Systemd must basically work the same exact way to keep things clean - except systemd ate all the commands and wants a dbus command to initiate these things... You can still use /sbin/halt to do an unclean shutdown (unless it got hacked to call systemd)...

----------

## Zucca

 *szatox wrote:*   

> Poweroff is supposed to actually poweroff the hardware after system halt. Halt can stop the system and then leave hardware powered on, just like old good days when windows 95 would print orange "you can safely power off your computer now".

 That seems logical. I wonder if some hardware then would allow remote power on the system only if halted... There must be some use for letting the hardware being powered on while the system has been shut down.

Of course nowdays most of the systems are in standby and the motherboard just waits for a signal to power on the rest of the components...

EDIT:

 *eccerr0r wrote:*   

> On an sysvinit/openrc system there are individual commands to do these things like /sbin/halt /sbin/poweroff (usually link to halt).   /sbin/shutdown is a command that does a "delayed" shutdown (who ever uses this on a desktop machine?  This is for shell servers so it can warn users of an impending shutdown...) but also ultimately calls init to do the actual shutdown cleanup by changing runlevels.  Init will run the halt command to halt the system after it deems cleanup is done.  Halt will do the ioctl with a specific bit sequence to tell the kernel to die. 
> 
> Systemd must basically work the same exact way to keep things clean - except systemd ate all the commands and wants a dbus command to initiate these things... You can still use /sbin/halt to do an unclean shutdown (unless it got hacked to call systemd)...

 

Ah. I remember wondering why I had to command such a complex command as shutdown -h now just to power off my first ever linux laptop. :P Later I created an alias for it.

All in all... I don't think I'll ever use kexec.

poweroff is the way to go. And that's what I've been using for year now.

This all just came into my mind when I wanted to create a systemd service file.

----------

## szatox

No idea would be the use of it. I've been thinking about it as a relic of the past that somehow survived  the birth of ACPI.

I would not expect the hardware to boot up again from halt. System is not running anymore at that point so it will not serve the interrupts, but the hardware does not necessarily know it.

You can see the difference between halt and poweroff when you call them with force, so they bypass init. Handy thing when you go all minimal with a shell script instead of fully blown init executable.

----------

## eccerr0r

For systemd, "systemctl poweroff" or whatever alias or script that runs this is what you want to gracefully shutdown right away.

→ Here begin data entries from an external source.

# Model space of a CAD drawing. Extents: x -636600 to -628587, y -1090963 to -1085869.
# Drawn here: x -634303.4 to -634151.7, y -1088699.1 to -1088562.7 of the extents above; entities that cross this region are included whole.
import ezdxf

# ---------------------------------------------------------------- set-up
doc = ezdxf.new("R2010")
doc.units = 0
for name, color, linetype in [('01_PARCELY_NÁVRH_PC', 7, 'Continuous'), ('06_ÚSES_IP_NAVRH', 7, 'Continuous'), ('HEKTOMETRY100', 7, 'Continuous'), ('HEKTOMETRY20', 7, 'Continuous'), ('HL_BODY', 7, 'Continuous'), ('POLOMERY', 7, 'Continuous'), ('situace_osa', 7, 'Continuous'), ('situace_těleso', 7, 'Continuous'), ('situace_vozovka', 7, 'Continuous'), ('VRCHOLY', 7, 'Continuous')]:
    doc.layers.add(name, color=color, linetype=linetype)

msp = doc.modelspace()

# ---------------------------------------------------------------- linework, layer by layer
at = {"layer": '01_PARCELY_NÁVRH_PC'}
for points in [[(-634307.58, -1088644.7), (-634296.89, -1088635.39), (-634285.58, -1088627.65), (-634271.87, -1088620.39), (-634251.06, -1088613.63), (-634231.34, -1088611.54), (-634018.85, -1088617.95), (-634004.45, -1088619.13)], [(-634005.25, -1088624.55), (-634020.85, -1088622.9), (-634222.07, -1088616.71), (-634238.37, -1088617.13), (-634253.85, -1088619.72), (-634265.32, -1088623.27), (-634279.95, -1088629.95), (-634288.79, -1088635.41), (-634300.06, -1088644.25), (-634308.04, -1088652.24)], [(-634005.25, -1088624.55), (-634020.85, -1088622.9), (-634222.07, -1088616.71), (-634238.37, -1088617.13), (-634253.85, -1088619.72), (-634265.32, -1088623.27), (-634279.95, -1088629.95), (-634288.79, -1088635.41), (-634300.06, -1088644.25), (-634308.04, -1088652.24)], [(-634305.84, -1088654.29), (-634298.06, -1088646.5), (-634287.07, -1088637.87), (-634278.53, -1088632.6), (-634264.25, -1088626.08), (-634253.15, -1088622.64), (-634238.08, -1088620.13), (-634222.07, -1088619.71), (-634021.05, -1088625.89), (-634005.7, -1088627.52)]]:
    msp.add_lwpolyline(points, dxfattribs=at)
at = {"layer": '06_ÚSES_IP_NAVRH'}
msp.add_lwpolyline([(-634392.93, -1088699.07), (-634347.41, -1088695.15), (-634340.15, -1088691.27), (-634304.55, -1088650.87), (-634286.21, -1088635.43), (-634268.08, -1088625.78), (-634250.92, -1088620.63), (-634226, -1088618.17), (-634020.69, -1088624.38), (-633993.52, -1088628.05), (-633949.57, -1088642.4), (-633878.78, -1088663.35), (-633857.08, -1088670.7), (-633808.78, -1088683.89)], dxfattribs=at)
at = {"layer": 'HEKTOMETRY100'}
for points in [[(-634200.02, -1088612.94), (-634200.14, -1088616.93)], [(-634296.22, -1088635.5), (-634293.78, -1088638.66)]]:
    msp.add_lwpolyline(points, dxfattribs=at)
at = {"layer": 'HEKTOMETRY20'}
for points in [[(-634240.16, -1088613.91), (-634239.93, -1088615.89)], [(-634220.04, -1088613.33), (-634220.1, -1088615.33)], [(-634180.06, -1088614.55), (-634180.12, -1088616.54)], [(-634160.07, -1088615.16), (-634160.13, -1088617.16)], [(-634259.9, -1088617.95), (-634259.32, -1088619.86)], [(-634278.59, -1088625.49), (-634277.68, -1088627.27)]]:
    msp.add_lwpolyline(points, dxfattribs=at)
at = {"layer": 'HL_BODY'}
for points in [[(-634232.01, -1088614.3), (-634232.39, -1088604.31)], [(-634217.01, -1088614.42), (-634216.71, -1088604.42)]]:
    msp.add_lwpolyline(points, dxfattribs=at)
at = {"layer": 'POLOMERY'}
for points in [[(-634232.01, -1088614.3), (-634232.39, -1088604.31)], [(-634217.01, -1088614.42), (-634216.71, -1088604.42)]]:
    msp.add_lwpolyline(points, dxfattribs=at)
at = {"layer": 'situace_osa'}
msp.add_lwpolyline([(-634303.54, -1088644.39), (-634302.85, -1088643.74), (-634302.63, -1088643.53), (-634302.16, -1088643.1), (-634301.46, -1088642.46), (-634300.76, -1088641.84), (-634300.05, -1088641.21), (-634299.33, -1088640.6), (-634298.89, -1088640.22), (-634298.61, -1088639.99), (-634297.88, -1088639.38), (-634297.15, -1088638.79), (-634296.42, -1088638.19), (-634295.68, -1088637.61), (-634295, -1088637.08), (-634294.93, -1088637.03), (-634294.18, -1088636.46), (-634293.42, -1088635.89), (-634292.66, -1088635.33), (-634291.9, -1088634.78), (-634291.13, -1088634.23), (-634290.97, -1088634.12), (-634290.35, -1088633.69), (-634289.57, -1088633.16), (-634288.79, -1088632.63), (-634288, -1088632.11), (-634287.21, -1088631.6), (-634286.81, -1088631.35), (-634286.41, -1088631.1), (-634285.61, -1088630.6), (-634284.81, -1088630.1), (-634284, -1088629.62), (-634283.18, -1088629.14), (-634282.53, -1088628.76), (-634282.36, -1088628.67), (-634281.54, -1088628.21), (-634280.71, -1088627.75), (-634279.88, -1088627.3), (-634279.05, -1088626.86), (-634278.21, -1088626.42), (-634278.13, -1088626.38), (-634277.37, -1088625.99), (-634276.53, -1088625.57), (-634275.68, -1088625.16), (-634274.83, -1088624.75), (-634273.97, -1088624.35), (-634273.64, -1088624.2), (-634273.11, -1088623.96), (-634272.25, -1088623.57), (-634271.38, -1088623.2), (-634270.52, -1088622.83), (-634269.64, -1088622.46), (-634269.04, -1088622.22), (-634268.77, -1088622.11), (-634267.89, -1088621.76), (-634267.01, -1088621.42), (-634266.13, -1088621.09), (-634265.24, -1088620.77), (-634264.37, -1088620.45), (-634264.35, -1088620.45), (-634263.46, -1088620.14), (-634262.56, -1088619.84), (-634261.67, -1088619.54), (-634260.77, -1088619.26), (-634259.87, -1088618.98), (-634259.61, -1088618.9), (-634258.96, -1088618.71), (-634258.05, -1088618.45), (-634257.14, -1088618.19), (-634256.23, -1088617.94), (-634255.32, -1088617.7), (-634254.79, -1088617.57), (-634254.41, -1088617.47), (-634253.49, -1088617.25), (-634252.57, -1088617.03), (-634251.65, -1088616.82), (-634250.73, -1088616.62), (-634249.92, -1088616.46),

For init/openrc, "poweroff" in recent versions of sysvinit will actually eventually change the runlevel of init, but old versions may shutdown the system uncleanly as it meant to power down the machine right away.  You can emulate the old behavior by giving it the -f flag (but this is very dangerous!).

---

Oh and halting without poweroff - this is a relic of old workstations that were the pioneers of Un*x which had command line ROM monitors.  Halt would jump back to the ROM monitor.  PC's don't have this and thus is very useless.

----------

## Zucca

Thanks of all the replies. This was a nice time travel back in *NIX history. :)

----------